Housing team takes over from Twyford

Thursday 27 June 2019

Housing is fraught, complex and – as the Cabinet reshuffle reveals – a portfolio that is no longer considered suitable for a single minister.

By Miriam Bell

Beleaguered Housing and Urban Development Minister Phil Twyford had been mired in controversy over the underperforming KiwiBuild programme for months.

He has overseen a host of housing policy changes, including the introduction of the Healthy Homes minimum standards, the banning of letting fees, the start of tenancy law reform and the ramping up of Housing NZ’s build programme.

But it was the failure of KiwiBuild to hit the promised targets that Twyford became most associated with – and which sealed his fate in today’s Cabinet reshuffle.

Prime Minister Jacinda Ardern announced that a ministerial team was now being put in place to advance the Government’s housing work programme.

Ardern says that while KiwiBuild has not progressed as well as they had expected, their ambition to build more affordable houses for New Zealanders has not changed.
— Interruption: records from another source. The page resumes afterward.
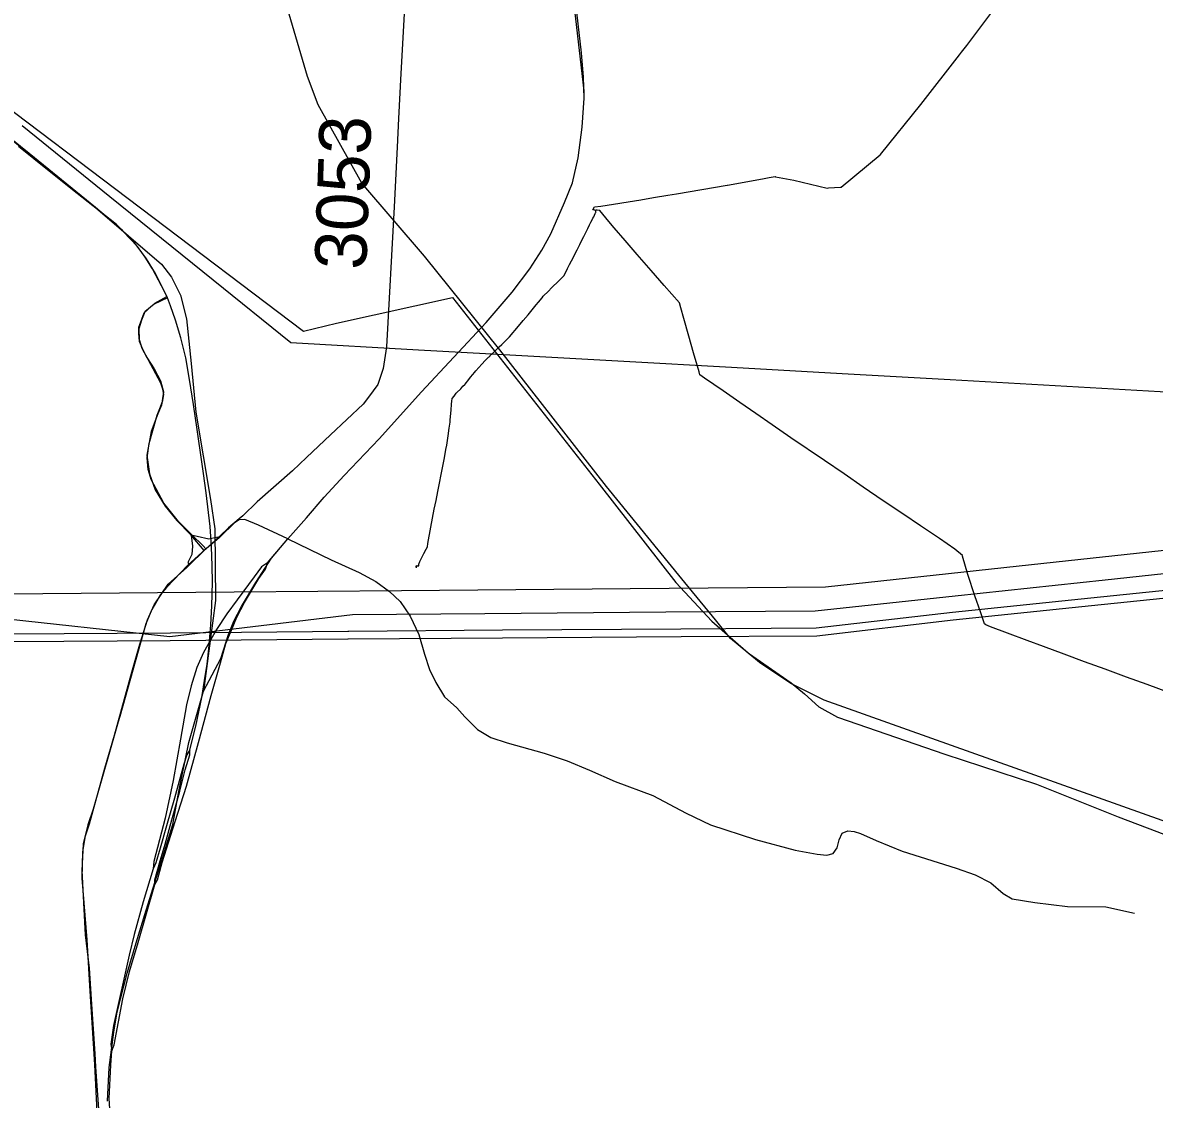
# Model space of a CAD drawing. Extents: x -789162 to -606354, y -1062736 to -945481.
# Drawn here: x -726523 to -724330, y -981952 to -979866 of the extents above; entities that cross this region are included whole.
import ezdxf

# ---------------------------------------------------------------- set-up
doc = ezdxf.new("R2010")
doc.units = 0
for name, color, linetype in [('_SIRSI VZTAHY_CYKLOTRASY MISTNI S', 7, 'Continuous'), ('_SIRSI VZTAHY_CYKLOTRASY MISTNI_POPIS', 7, 'Continuous'), ('_SIRSI VZTAHY_ELEKTRICKE VEDENI VN 110 kV S', 7, 'Continuous'), ('_SIRSI VZTAHY_ELEKTRICKE VEDENI VN 220 kV S', 7, 'Continuous'), ('_SIRSI VZTAHY_ELEKTRICKE VEDENI VN 400 kV N', 7, 'Continuous'), ('_SIRSI VZTAHY_ELEKTRICKE VEDENI VN 400 kV S', 7, 'Continuous'), ('_SIRSI VZTAHY_OP vodnich zdroju II stupne', 7, 'Continuous'), ('_SIRSI VZTAHY_SILNICE I TRIDY_NAVRH', 7, 'Continuous'), ('_SIRSI VZTAHY_SILNICE I TRIDY_STAV', 7, 'Continuous'), ('_SIRSI VZTAHY_SILNICE III TRIDY_STAV', 7, 'Continuous'), ('_SIRSI VZTAHY_VTL PLYNOVOD', 7, 'Continuous'), ('_SIRSI VZTAHY_ZELEZNICE STAV', 7, 'Continuous')]:
    doc.layers.add(name, color=color, linetype=linetype)

msp = doc.modelspace()

# ---------------------------------------------------------------- linework, layer by layer
at = {"layer": '_SIRSI VZTAHY_CYKLOTRASY MISTNI S'}
for points in [[(-725783.9, -979849.7), (-725790.5, -979964.9), (-725794.8, -980051.9), (-725797.2, -980108), (-725803.2, -980223), (-725817.8, -980494.5), (-725824.4, -980536.2), (-725830.5, -980554.1), (-725835, -980567.3), (-725852.9, -980592.2), (-725863.4, -980605.6), (-725926.4, -980665.1), (-725972.7, -980708.8), (-726000.2, -980734.8), (-726068.4, -980794.9), (-726096, -980821.8), (-726103.4, -980828), (-726124.3, -980845.3), (-726140.9, -980861.4), (-726157.3, -980875.9), (-726168.3, -980885.7), (-726203.3, -980918.4), (-726216.1, -980931.6), (-726244.2, -980960.7), (-726256.1, -980974.5), (-726272.8, -981003.2), (-726284.5, -981031.4), (-726334.8, -981210.7), (-726337.7, -981220.8), (-726386, -981390.1), (-726396.7, -981420.4), (-726405.6, -981457.4), (-726408.5, -981509.3), (-726401.5, -981633.7), (-726394.3, -981698.2), (-726390.3, -981758.6), (-726383.3, -981863.9), (-726381.6, -981889.3), (-726374.5, -981989.5)], [(-726168.3, -980885.7), (-726173, -980880.3), (-726195.6, -980858), (-726221.2, -980832.6), (-726249.4, -980797.3), (-726273.6, -980751.6), (-726279.4, -980732.3), (-726281.4, -980709.4), (-726277.7, -980681.7), (-726262.1, -980626.6), (-726255.5, -980610.8), (-726251.4, -980598.5), (-726249.3, -980586.9), (-726251.5, -980576.4), (-726255, -980565.1), (-726289.6, -980500.9), (-726296.5, -980484.1), (-726298, -980468.1), (-726298, -980456.7), (-726291.9, -980440.8), (-726287.3, -980428.5), (-726266.7, -980410.2), (-726243.8, -980397.2), (-726265.2, -980352.2), (-726282.7, -980324), (-726301, -980299.6), (-726341.1, -980257.4), (-726386.8, -980221.3), (-726426.6, -980190.2), (-726475, -980151.7), (-726531, -980106.6)]]:
    msp.add_lwpolyline(points, dxfattribs=at)
at = {"layer": '_SIRSI VZTAHY_ELEKTRICKE VEDENI VN 110 kV S'}
for points in [[(-726523.5, -980065.6), (-726353.7, -980203), (-726153.9, -980364.6), (-726003.6, -980486.4), (-725755.8, -980500.3), (-725579.3, -980509.9), (-725358.3, -980522.5), (-725149.5, -980534.2), (-724935.2, -980546.3), (-724725.6, -980558), (-724273.9, -980583.6), (-724042.2, -980596.6), (-723812.5, -980609.5), (-723571.6, -980623.1), (-723333, -980636.7), (-723101.6, -980649.5), (-722885.8, -980661.5), (-722637.8, -980675.4)], [(-725892.1, -981060.2), (-725593, -981058), (-725247.2, -981055.8), (-724984.4, -981054.1), (-724720.2, -981023.6), (-724452, -980995.9), (-724081.7, -980957.6), (-723688.9, -980916), (-723363.2, -980878.7), (-723105.7, -980852), (-722859.9, -980823.8), (-722437.7, -980778.1)], [(-725890.9, -981045.2), (-725593.2, -981043), (-725247.6, -981040.8), (-724985.2, -981039.1), (-724721.7, -981008.6), (-724453.5, -980981), (-724083.2, -980942.7), (-723690.4, -980901), (-723364.7, -980863.7), (-723107.2, -980837.1), (-722861.4, -980808.9), (-722439.3, -980763.2)], [(-726545.9, -981050.4), (-726545.8, -981050.4), (-726236.7, -981048.6), (-725893.1, -981045.2), (-725890.9, -981045.2)], [(-726545.8, -981065.4), (-726545.6, -981065.4), (-726237.2, -981063.6), (-725892.9, -981060.2), (-725892.1, -981060.2)]]:
    msp.add_lwpolyline(points, dxfattribs=at)
at = {"layer": '_SIRSI VZTAHY_ELEKTRICKE VEDENI VN 220 kV S'}
msp.add_lwpolyline([(-728906.8, -981066.1), (-728544.1, -981130.6), (-728153.3, -981200), (-727802.5, -981138.1), (-727377.9, -981063.2), (-727189.6, -981030.1), (-726881.1, -980975.6), (-726483.7, -980972.3), (-726113.1, -980969.3), (-725789.1, -980966.7), (-725345.9, -980962.9), (-724967.5, -980959.7), (-724568.2, -980916.5), (-724179.6, -980874), (-723820.9, -980835), (-723454.7, -980795.1), (-723050.7, -980751.1), (-722722.8, -980715.4), (-722389.9, -980679.3)], dxfattribs=at)
at = {"layer": '_SIRSI VZTAHY_ELEKTRICKE VEDENI VN 400 kV N'}
msp.add_lwpolyline([(-728939.9, -981454.6), (-728713.8, -981378.8), (-728496.7, -981306), (-728138.4, -981242.9), (-727825.1, -981186.9), (-727588.2, -981145.9), (-727311.6, -981097.7), (-727133.9, -981066.7), (-726865.9, -981020.5), (-726582.4, -981018.2), (-726237.7, -981055.7), (-725883.8, -981012.8), (-725627.5, -981011), (-725276.9, -981008.2), (-724987.5, -981006.1), (-724716, -980977.1), (-724425.4, -980945.8), (-724037, -980903.7), (-723659.4, -980862.8), (-723282.2, -980821.9), (-722967.8, -980787.4), (-722695.8, -980757.5), (-722415.5, -980728.3)], dxfattribs=at)
at = {"layer": '_SIRSI VZTAHY_ELEKTRICKE VEDENI VN 400 kV S'}
msp.add_lwpolyline([(-728939.9, -981454.6), (-728713.8, -981378.8), (-728496.7, -981306), (-728138.4, -981242.9), (-727825.1, -981186.9), (-727588.2, -981145.9), (-727311.6, -981097.7), (-727133.9, -981066.7), (-726865.9, -981020.5), (-726582.4, -981018.2), (-726237.7, -981055.7), (-725883.8, -981012.8), (-725627.5, -981011), (-725276.9, -981008.2), (-724987.5, -981006.1), (-724716, -980977.1), (-724425.4, -980945.8), (-724037, -980903.7), (-723659.4, -980862.8), (-723282.2, -980821.9), (-722967.8, -980787.4), (-722695.8, -980757.5), (-722415.5, -980728.3)], dxfattribs=at)
at = {"layer": '_SIRSI VZTAHY_OP vodnich zdroju II stupne'}
msp.add_lwpolyline([(-726611.2, -979986.3), (-725978.6, -980464.5), (-725915, -980448.5), (-725690.2, -980398.9), (-725406.2, -980760.4), (-725257.2, -980950.9), (-725187.4, -981026), (-725116.3, -981088.3), (-725033.9, -981145.3), (-725008, -981167), (-724980.6, -981192.2), (-724943.9, -981212.2), (-724736.1, -981283.4), (-724558.6, -981341.5), (-724400.7, -981405.2), (-724255.6, -981460.2)], dxfattribs=at)
at = {"layer": '_SIRSI VZTAHY_SILNICE I TRIDY_NAVRH'}
msp.add_lwpolyline([(-726381.5, -980224.7), (-726510.1, -980120.3), (-726608.3, -980041.2), (-726693.1, -979973.8), (-726789.9, -979897.2), (-726859.5, -979842.2), (-726894.2, -979810.8), (-726919.8, -979790.7), (-726958.7, -979745.1), (-726976.5, -979717.3), (-726995.9, -979682.4), (-727020.6, -979622.7), (-727037.8, -979580.5), (-727043.3, -979560.5), (-727058.7, -979507.4), (-727078.4, -979440.7), (-727108.5, -979345.6), (-727118.7, -979307.2), (-727120.1, -979180.7), (-727139.3, -979067), (-727192.9, -978894.3), (-727249.3, -978731.4), (-727331.6, -978584.4), (-727399.4, -978463.4)], dxfattribs=at)
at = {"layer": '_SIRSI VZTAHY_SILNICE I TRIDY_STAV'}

“But it has become clear to me that the range of challenges in fixing the housing crisis are too great for one Minister.

“Therefore I am putting in place a team of senior Ministers to deliver the full breadth of our housing plan, from KiwiBuild right through to tackling homelessness.”

The new housing “team” will be headed by Energy and Resources Minster Megan Woods, who takes Twyford’s title of Housing Minister.

She will be responsible for delivering the Government’s house building programme which includes the long-delayed “reset” of KiwiBuild.

Commerce and Consumer Affairs Minister Kris Faafoi, who is newly promoted to the Cabinet, will take on responsibility for public housing, including state housing and tackling homelessness.

While Twyford may have lost his sole charge responsibility for housing, he remains on the housing “team”.

Ardern says he will take the lead on urban development and the legislative changes needed to ensure more affordable houses can be built with the right infrastructure around them.

Twyford will retain his Transport portfolio and has also been given the role of Economic Development Minister.

Rounding out the housing “team” is Nanaia Mahuta, who was already an associate minister and who will focus on Maori housing, and Jenny Salesa who remains Building and Construction Minister.

In a statement following the announcement, Twyford says he is as frustrated as anyone else that they have not been able to deliver as many KiwiBuild houses as hoped and that he had put his all into it.

“But I look forward to continuing to help Megan Woods and the other housing Ministers, by focusing on the legislative and regulatory tools we need to facilitate affordable house building.”

He also says he is proud of what has been achieved in housing to date. “It’s been a huge job to turn around years of neglect but we are starting to see positive results.”

Meanwhile, it appears that the ongoing work on the KiwiBuild reset – which is now expected to re-examine the whole housing programme - will be delayed as Woods and Faafoi assess it and provide input before it is finalised.